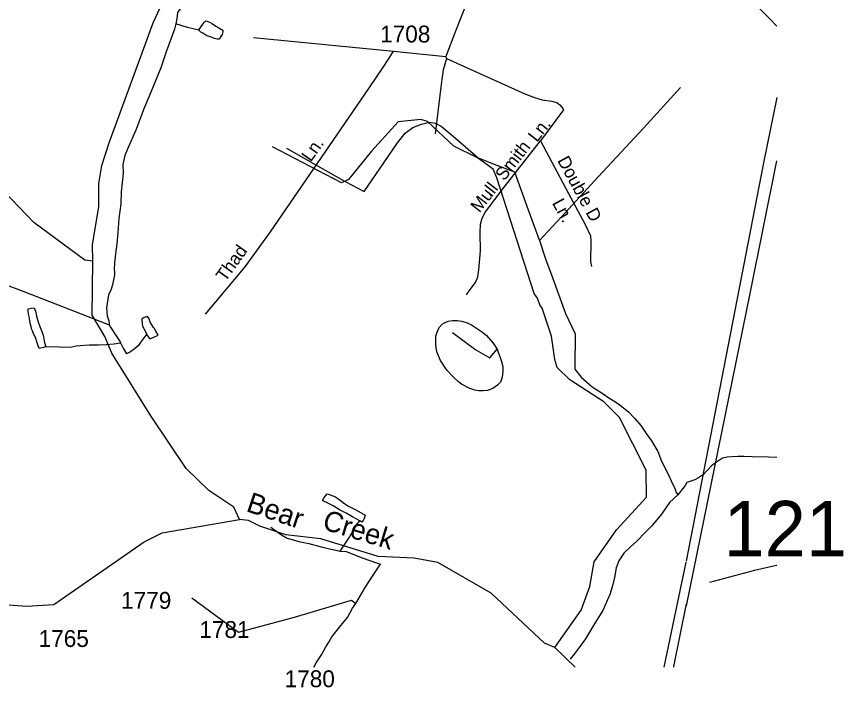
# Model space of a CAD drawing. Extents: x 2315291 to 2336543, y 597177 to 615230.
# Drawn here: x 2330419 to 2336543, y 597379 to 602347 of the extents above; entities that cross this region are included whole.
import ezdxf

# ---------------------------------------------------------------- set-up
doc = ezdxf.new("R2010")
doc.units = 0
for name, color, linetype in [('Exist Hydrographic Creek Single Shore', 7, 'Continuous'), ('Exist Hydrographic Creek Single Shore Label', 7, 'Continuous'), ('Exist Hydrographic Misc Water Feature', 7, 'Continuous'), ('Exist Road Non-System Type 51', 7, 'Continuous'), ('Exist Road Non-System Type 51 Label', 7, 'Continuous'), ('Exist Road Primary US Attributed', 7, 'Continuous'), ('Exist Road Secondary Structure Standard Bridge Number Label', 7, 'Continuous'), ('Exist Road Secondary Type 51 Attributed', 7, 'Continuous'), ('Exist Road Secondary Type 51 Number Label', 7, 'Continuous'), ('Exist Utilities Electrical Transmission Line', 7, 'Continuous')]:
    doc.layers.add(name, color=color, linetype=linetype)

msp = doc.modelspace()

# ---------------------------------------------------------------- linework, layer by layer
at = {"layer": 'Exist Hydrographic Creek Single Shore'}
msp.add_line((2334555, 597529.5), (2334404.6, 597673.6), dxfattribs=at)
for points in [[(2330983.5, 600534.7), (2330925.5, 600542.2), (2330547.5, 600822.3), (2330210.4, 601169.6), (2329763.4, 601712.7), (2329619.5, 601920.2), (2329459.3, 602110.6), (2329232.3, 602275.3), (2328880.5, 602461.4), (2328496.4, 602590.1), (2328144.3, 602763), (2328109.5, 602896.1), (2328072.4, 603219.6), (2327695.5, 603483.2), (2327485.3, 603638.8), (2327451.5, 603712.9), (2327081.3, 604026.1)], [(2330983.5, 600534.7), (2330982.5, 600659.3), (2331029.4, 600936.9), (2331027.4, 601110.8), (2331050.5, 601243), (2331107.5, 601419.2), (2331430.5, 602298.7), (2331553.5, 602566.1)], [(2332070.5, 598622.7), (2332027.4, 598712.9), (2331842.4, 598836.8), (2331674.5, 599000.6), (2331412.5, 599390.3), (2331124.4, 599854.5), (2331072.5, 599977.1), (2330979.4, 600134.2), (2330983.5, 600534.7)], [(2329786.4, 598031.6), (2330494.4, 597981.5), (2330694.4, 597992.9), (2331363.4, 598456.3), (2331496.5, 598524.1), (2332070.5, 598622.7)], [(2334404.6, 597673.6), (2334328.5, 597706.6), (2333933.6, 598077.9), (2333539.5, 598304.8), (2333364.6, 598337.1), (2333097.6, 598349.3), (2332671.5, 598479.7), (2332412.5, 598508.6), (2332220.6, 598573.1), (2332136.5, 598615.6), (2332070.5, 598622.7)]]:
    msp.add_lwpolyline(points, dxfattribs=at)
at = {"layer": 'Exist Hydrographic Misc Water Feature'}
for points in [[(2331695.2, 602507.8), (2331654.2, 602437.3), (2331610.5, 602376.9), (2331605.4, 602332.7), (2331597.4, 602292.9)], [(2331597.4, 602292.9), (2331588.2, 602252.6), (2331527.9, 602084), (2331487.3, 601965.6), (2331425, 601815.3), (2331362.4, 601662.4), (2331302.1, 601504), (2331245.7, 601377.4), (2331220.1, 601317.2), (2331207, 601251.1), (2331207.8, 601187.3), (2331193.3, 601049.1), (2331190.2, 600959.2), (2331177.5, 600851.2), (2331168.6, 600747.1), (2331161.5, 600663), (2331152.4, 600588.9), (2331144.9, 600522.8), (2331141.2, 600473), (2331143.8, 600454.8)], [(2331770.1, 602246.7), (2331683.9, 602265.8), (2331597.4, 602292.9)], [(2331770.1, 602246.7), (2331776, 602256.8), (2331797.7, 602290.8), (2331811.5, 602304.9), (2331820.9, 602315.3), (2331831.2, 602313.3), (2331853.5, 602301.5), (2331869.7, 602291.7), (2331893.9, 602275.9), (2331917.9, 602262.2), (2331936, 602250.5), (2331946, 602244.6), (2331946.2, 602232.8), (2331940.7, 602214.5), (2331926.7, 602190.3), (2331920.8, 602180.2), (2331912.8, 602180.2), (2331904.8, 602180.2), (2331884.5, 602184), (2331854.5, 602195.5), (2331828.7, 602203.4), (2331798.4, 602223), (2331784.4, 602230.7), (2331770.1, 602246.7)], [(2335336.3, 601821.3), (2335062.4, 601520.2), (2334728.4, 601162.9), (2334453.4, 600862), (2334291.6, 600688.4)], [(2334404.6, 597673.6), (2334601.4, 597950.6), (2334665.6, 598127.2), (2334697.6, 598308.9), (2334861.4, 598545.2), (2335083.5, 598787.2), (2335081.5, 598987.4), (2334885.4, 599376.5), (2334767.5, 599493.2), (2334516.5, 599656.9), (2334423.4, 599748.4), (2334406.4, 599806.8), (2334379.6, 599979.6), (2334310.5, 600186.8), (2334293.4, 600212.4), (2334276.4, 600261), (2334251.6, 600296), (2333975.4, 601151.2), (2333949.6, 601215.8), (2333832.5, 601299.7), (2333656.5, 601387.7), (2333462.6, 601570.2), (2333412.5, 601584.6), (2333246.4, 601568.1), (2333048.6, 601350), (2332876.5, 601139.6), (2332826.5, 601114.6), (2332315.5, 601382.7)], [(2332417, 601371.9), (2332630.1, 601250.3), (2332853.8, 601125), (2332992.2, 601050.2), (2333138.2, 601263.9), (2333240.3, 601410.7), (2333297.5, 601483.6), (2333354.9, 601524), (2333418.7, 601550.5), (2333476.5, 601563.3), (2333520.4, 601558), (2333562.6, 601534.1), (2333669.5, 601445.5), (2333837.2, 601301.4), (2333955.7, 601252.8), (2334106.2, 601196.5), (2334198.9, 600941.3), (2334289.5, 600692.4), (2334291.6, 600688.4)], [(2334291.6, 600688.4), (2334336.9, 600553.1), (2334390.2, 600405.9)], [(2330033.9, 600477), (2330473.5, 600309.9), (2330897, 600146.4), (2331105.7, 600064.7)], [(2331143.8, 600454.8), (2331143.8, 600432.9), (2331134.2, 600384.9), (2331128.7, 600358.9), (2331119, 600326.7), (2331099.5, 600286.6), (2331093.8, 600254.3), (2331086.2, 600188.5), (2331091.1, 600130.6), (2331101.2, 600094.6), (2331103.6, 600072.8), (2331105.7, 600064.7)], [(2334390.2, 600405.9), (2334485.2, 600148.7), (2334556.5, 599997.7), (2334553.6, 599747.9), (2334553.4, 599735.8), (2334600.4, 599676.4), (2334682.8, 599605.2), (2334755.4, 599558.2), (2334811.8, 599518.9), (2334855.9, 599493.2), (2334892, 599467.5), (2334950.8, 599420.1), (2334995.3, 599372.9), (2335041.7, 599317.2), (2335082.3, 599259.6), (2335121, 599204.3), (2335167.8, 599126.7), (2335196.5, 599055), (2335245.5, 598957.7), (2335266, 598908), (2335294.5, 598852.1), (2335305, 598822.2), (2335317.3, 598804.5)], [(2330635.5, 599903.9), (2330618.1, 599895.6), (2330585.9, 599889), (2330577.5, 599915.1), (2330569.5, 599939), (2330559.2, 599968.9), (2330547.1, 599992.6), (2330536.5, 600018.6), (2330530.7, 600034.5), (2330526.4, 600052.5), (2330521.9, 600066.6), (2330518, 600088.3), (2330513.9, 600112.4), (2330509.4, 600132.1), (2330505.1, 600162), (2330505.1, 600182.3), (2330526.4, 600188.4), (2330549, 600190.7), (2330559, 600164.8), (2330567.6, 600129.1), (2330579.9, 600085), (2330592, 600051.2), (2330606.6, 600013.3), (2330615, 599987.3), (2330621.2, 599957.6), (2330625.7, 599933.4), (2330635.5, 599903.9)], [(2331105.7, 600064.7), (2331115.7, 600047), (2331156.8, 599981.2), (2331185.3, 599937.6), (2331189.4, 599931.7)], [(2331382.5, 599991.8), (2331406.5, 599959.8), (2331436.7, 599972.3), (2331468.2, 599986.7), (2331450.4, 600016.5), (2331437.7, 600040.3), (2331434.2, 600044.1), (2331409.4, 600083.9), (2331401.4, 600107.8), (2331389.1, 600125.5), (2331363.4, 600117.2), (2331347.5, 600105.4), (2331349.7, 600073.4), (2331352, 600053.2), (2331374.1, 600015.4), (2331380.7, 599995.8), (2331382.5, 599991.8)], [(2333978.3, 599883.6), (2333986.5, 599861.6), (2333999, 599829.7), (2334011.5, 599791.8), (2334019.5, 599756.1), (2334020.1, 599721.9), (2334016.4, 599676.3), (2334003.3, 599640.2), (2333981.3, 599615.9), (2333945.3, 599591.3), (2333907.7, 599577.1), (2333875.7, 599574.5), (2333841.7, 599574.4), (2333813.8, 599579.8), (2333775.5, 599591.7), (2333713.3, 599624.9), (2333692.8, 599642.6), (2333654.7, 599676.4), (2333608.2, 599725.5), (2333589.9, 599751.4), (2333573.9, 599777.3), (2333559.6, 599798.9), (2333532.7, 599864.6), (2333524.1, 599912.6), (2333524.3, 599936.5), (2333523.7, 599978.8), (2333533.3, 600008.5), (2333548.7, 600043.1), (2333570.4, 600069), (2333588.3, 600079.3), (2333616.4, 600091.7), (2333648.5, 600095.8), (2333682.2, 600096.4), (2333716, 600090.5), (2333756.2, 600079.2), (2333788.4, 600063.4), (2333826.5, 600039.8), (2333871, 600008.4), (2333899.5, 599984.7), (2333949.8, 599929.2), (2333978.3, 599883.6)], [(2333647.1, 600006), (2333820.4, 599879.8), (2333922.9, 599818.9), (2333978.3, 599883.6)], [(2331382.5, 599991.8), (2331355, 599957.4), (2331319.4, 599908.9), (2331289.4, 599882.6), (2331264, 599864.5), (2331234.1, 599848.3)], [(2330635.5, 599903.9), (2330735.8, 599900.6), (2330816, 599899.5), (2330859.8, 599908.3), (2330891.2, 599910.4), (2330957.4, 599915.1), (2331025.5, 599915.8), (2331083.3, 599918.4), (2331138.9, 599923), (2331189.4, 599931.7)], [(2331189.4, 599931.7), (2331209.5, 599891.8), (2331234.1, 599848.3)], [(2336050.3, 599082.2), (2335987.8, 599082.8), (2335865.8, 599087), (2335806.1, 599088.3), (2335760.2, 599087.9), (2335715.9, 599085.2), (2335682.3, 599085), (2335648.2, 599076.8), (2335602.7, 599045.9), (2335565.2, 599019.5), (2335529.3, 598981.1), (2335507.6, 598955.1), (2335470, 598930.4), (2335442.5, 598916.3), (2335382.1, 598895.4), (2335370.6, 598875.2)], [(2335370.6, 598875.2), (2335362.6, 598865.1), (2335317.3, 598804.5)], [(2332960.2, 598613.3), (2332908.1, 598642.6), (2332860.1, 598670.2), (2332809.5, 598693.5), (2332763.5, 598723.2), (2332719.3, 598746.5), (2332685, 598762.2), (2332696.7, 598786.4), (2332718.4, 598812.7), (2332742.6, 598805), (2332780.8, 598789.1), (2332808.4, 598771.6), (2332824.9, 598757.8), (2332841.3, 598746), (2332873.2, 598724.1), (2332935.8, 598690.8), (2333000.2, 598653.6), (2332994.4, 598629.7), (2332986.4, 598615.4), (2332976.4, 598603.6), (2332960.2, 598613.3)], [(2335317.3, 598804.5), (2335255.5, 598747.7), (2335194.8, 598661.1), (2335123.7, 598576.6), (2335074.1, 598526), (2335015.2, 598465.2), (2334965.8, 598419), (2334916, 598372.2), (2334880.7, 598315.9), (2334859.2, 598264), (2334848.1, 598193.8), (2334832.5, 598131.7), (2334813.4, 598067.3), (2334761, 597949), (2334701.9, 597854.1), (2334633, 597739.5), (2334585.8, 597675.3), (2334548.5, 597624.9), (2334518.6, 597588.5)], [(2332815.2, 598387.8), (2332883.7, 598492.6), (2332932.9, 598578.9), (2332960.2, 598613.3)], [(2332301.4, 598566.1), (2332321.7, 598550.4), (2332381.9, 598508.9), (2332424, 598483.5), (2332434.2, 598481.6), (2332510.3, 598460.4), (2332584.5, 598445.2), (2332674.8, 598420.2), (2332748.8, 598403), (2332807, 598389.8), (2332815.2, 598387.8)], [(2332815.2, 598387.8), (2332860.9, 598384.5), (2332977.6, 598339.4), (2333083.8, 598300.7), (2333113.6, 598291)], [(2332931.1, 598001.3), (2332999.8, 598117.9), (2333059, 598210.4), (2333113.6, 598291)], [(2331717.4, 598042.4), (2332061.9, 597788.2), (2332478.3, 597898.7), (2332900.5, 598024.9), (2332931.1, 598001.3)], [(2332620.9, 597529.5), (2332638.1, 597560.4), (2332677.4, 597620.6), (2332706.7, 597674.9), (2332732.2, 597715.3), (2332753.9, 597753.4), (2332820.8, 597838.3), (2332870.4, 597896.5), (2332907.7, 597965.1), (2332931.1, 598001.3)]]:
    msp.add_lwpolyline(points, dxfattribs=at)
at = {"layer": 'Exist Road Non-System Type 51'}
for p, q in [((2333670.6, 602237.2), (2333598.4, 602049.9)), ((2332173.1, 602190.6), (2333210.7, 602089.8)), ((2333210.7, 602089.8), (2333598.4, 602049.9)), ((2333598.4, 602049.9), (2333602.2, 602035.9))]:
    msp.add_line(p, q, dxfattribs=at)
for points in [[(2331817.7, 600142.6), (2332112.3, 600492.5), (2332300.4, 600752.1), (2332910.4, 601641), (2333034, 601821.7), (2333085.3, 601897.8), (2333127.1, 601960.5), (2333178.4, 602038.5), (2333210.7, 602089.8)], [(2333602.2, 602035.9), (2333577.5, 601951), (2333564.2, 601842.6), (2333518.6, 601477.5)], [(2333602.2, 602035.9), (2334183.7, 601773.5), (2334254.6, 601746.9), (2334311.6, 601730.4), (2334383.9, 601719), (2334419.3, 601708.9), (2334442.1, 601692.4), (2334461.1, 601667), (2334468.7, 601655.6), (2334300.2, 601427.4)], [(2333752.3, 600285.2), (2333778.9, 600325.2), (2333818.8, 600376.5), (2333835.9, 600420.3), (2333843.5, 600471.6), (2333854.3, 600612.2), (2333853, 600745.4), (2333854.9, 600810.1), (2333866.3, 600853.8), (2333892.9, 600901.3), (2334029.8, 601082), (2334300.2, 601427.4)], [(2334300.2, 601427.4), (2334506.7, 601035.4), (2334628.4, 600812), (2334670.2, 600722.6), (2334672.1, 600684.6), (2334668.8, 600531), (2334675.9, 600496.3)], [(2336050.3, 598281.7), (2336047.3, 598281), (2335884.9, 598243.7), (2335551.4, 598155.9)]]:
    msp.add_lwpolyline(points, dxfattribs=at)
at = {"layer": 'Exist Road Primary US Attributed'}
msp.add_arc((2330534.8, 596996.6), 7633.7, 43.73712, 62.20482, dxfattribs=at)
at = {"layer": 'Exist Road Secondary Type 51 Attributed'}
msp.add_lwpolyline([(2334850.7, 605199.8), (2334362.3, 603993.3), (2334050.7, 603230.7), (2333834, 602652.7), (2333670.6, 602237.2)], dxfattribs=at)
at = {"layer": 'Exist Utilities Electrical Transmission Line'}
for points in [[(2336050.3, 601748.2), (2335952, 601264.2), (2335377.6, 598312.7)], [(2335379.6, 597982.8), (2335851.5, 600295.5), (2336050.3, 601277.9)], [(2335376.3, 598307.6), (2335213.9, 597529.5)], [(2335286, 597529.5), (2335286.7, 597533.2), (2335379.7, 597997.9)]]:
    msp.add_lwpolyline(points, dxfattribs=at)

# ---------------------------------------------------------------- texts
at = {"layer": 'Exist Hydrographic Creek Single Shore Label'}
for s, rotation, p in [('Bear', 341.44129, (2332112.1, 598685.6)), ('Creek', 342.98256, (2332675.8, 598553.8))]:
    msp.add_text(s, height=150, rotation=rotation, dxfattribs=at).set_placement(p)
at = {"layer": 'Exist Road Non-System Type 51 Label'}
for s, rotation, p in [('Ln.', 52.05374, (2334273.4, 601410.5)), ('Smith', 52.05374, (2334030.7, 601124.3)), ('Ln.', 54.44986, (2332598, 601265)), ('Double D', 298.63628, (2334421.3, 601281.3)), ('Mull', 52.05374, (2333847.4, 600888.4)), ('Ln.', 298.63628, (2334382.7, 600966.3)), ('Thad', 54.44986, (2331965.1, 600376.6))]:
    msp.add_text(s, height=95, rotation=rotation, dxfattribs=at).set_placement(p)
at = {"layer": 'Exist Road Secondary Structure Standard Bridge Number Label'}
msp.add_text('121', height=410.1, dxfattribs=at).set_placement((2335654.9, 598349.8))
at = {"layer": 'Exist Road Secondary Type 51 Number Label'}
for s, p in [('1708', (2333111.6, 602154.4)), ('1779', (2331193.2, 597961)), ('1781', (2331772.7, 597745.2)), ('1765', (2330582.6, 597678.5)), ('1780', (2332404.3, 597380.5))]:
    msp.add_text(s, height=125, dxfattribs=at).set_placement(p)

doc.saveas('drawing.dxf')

TO DO> Write out, word for word, the lines from the start of the data through the one holding "doc.units = 0". Omit pictures.

RESPONSE BOX>
# Model space of a CAD drawing. Extents: x 2315291 to 2336543, y 597177 to 615230.
# Drawn here: x 2330419 to 2336543, y 597379 to 602347 of the extents above; entities that cross this region are included whole.
import ezdxf

# ---------------------------------------------------------------- set-up
doc = ezdxf.new("R2010")
doc.units = 0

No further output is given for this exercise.